But now Jose is in a major contract situation. He needs to let other teams that he has that strong desire to start and be part of a winner. His agent probably told him teams will want to see that fire in order to pay big $$$. Jose want people to know that it is not a given he will just return to Toronto and is open for business. That is smart.

The reason most fans prefer Jose (probably 60/40 or 70/30 split) is because TJ doesn't play smart and looks selfish on the court at times. Jose is more of that Alvin Williams type PG we loved but a much better set-up guy.

I think BC could trade either guy and I am fine with that. Most people will be if we get good pieces in return. I don't fully believe in TJ's supposed 'upside' because I don't know if he can raise his bball IQ enough to become a top level PG, and his physical size (regardless of injury) make him a poor finisher in traffic.

I think both PGs are perfect for a tandem system and may not shine as brightly on their own.

Some lottery teams really don't want their picks. If they end up top 3 Raps could come calling with nice assets to offer.


----------



## Ruff Draft (Nov 21, 2004)

Jose is going to net you much more than T.J. The question is if they want a stud PG, or another great talent somewhere else.


----------



## superdude211 (Apr 3, 2004)

> Sources indicate the Raptors will be active on June 26. The Raptors are beginning to shop PG T.J. Ford, according to a league executive.

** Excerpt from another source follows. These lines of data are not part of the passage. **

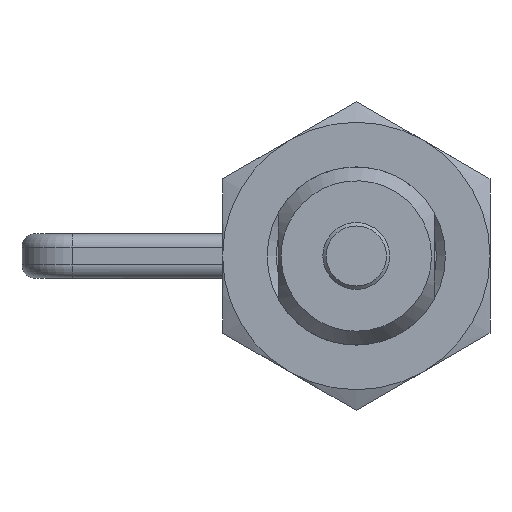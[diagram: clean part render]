
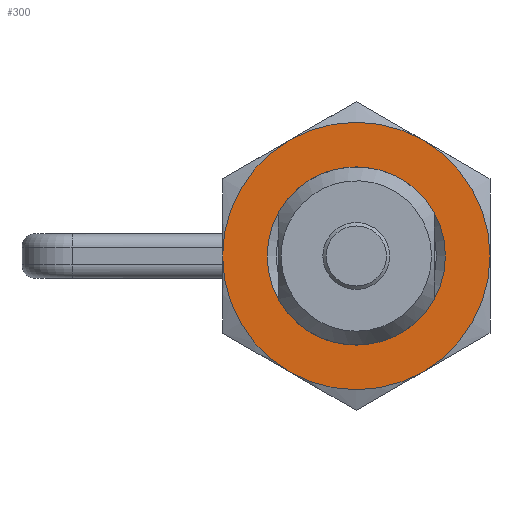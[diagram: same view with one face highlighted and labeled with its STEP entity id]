
A CAD part, front view. The second image highlights one B-rep face of the part: STEP entity #300.
In plain terms, the highlighted planar face has unit normal (0, -1, 0).
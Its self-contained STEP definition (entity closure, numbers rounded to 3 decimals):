
#300 = ADVANCED_FACE( '', ( #519, #520 ), #521, .F. );
#519 = FACE_BOUND( '', #741, .T. );
#520 = FACE_OUTER_BOUND( '', #742, .T. );
#521 = PLANE( '', #743 );
#741 = EDGE_LOOP( '', ( #1425 ) );
#742 = EDGE_LOOP( '', ( #1426, #1427, #1428, #1429, #1430, #1431 ) );
#743 = AXIS2_PLACEMENT_3D( '', #1432, #1433, #1434 );
#1425 = ORIENTED_EDGE( '', *, *, #1646, .F. );
#1426 = ORIENTED_EDGE( '', *, *, #1649, .T. );
#1427 = ORIENTED_EDGE( '', *, *, #1650, .T. );
#1428 = ORIENTED_EDGE( '', *, *, #1616, .T. );
#1429 = ORIENTED_EDGE( '', *, *, #1641, .T. );
#1430 = ORIENTED_EDGE( '', *, *, #1642, .T. );
#1431 = ORIENTED_EDGE( '', *, *, #1643, .T. );
#1432 = CARTESIAN_POINT( '', ( 12., 0., 0. ) );
#1433 = DIRECTION( '', ( 0., 1., 0. ) );
#1434 = DIRECTION( '', ( 0., 0., 1. ) );
#1616 = EDGE_CURVE( '', #1938, #1939, #1940, .T. );
#1641 = EDGE_CURVE( '', #1939, #1920, #1977, .T. );
#1642 = EDGE_CURVE( '', #1920, #1932, #1978, .T. );
#1643 = EDGE_CURVE( '', #1932, #1979, #1980, .T. );
#1646 = EDGE_CURVE( '', #1983, #1983, #1984, .T. );
#1649 = EDGE_CURVE( '', #1979, #1947, #1989, .T. );
#1650 = EDGE_CURVE( '', #1947, #1938, #1990, .T. );
#1920 = VERTEX_POINT( '', #2690 );
#1932 = VERTEX_POINT( '', #2724 );
#1938 = VERTEX_POINT( '', #2754 );
#1939 = VERTEX_POINT( '', #2755 );
#1940 = CIRCLE( '', #2756, 12. );
#1947 = VERTEX_POINT( '', #2776 );
#1977 = CIRCLE( '', #2876, 12. );
#1978 = CIRCLE( '', #2877, 12. );
#1979 = VERTEX_POINT( '', #2878 );
#1980 = CIRCLE( '', #2879, 12. );
#1983 = VERTEX_POINT( '', #2894 );
#1984 = CIRCLE( '', #2895, 8. );
#1989 = CIRCLE( '', #2900, 12. );
#1990 = CIRCLE( '', #2901, 12. );
#2690 = CARTESIAN_POINT( '', ( -12., 0., 0. ) );
#2724 = CARTESIAN_POINT( '', ( -6., 0., -10.392 ) );
#2754 = CARTESIAN_POINT( '', ( 6., 0., 10.392 ) );
#2755 = CARTESIAN_POINT( '', ( -6., 0., 10.392 ) );
#2756 = AXIS2_PLACEMENT_3D( '', #3188, #3189, #3190 );
#2776 = CARTESIAN_POINT( '', ( 12., 0., 0. ) );
#2876 = AXIS2_PLACEMENT_3D( '', #3215, #3216, #3217 );
#2877 = AXIS2_PLACEMENT_3D( '', #3218, #3219, #3220 );
#2878 = CARTESIAN_POINT( '', ( 6., 0., -10.392 ) );
#2879 = AXIS2_PLACEMENT_3D( '', #3221, #3222, #3223 );
#2894 = CARTESIAN_POINT( '', ( 0., 0., -8. ) );
#2895 = AXIS2_PLACEMENT_3D( '', #3224, #3225, #3226 );
#2900 = AXIS2_PLACEMENT_3D( '', #3233, #3234, #3235 );
#2901 = AXIS2_PLACEMENT_3D( '', #3236, #3237, #3238 );
#3188 = CARTESIAN_POINT( '', ( 0., 0., 0. ) );
#3189 = DIRECTION( '', ( 0., -1., 0. ) );
#3190 = DIRECTION( '', ( 0., 0., -1. ) );
#3215 = CARTESIAN_POINT( '', ( 0., 0., 0. ) );
#3216 = DIRECTION( '', ( 0., -1., 0. ) );
#3217 = DIRECTION( '', ( 0., 0., -1. ) );
#3218 = CARTESIAN_POINT( '', ( 0., 0., 0. ) );
#3219 = DIRECTION( '', ( 0., -1., 0. ) );
#3220 = DIRECTION( '', ( 0., 0., -1. ) );
#3221 = CARTESIAN_POINT( '', ( 0., 0., 0. ) );
#3222 = DIRECTION( '', ( 0., -1., 0. ) );
#3223 = DIRECTION( '', ( 0., 0., -1. ) );
#3224 = CARTESIAN_POINT( '', ( 0., 0., 0. ) );
#3225 = DIRECTION( '', ( 0., -1., 0. ) );
#3226 = DIRECTION( '', ( 0., 0., -1. ) );
#3233 = CARTESIAN_POINT( '', ( 0., 0., 0. ) );
#3234 = DIRECTION( '', ( 0., -1., 0. ) );
#3235 = DIRECTION( '', ( 0., 0., -1. ) );
#3236 = CARTESIAN_POINT( '', ( 0., 0., 0. ) );
#3237 = DIRECTION( '', ( 0., -1., 0. ) );
#3238 = DIRECTION( '', ( 0., 0., -1. ) );

http://www.fannation.com/truth_and_rumors/nba#

Nothing new just confirming what every Raptors fan already knows, the only real new is that this report leads me to believe that the Raptors are looking to move up in the draft by shopping T.J Ford on Draft day


----------



## southeasy (Jun 11, 2003)

Warriors.. shopping... *Monta Ellis*??


if true. perfect fit for toronto as a secondary/slashing scorer


----------



## seifer0406 (Jun 8, 2003)

Monta Ellis would be great for us. He can either start at the SG spot or come off the bench as the 6th man spark plug.


----------



## southeasy (Jun 11, 2003)

if they lose on baron, i can't see them throwing away the ellisian one.

don nelson likes ford? 

Ford + 1st + Kapono etc
for
Ellis + Croshere?


----------



## PDXshelbyGT (May 24, 2007)

I'm a Portland fan, so pardon the "homer" in me....as I find value in the guys I'll propose to trade to Toronto:


We'll send you Martell Webster (who started at the 3 all year - and he's got big upside..and can play shooting guard as well) + Joel Pryzbilla (who would offer TO a true Center against Eastern teams) plus our #13 pick in this year's draft. _And_...we'll also work in Raef LaFrentz (expiring contract) if you guys, in return want to move Rasho and his contract.


RECAP


Webster (3)
Pryzbilla (5)
#13 selection
Raef LaFrentz (4/5) expiring contract

for

Calderon
Rasho


In my "homer" opinion, I think this is a tiny bit lopsided to TO's favour - but I think Portland could be a willing partner in such a trade due to our desire to find a pure point - and I love Calderon's game!


----------



## seifer0406 (Jun 8, 2003)

PDXshelbyGT said:


> I'm a Portland fan, so pardon the "homer" in me....as I find value in the guys I'll propose to trade to Toronto:
> 
> 
> We'll send you Martell Webster (who started at the 3 all year - and he's got big upside..and can play shooting guard as well) + Joel Pryzbilla (who would offer TO a true Center against Eastern teams) plus our #13 pick in this year's draft. _And_...we'll also work in Raef LaFrentz (expiring contract) if you guys, in return want to move Rasho and his contract.
> ...


It'll pretty much have to start with Outlaw and Przybilla. Webster is a bust and he's another jump shooter that the Raptors have no need for.


----------



## PDXshelbyGT (May 24, 2007)

seifer0406 said:


> It'll pretty much have to start with Outlaw and Przybilla. Webster is a bust and he's another jump shooter that the Raptors have no need for.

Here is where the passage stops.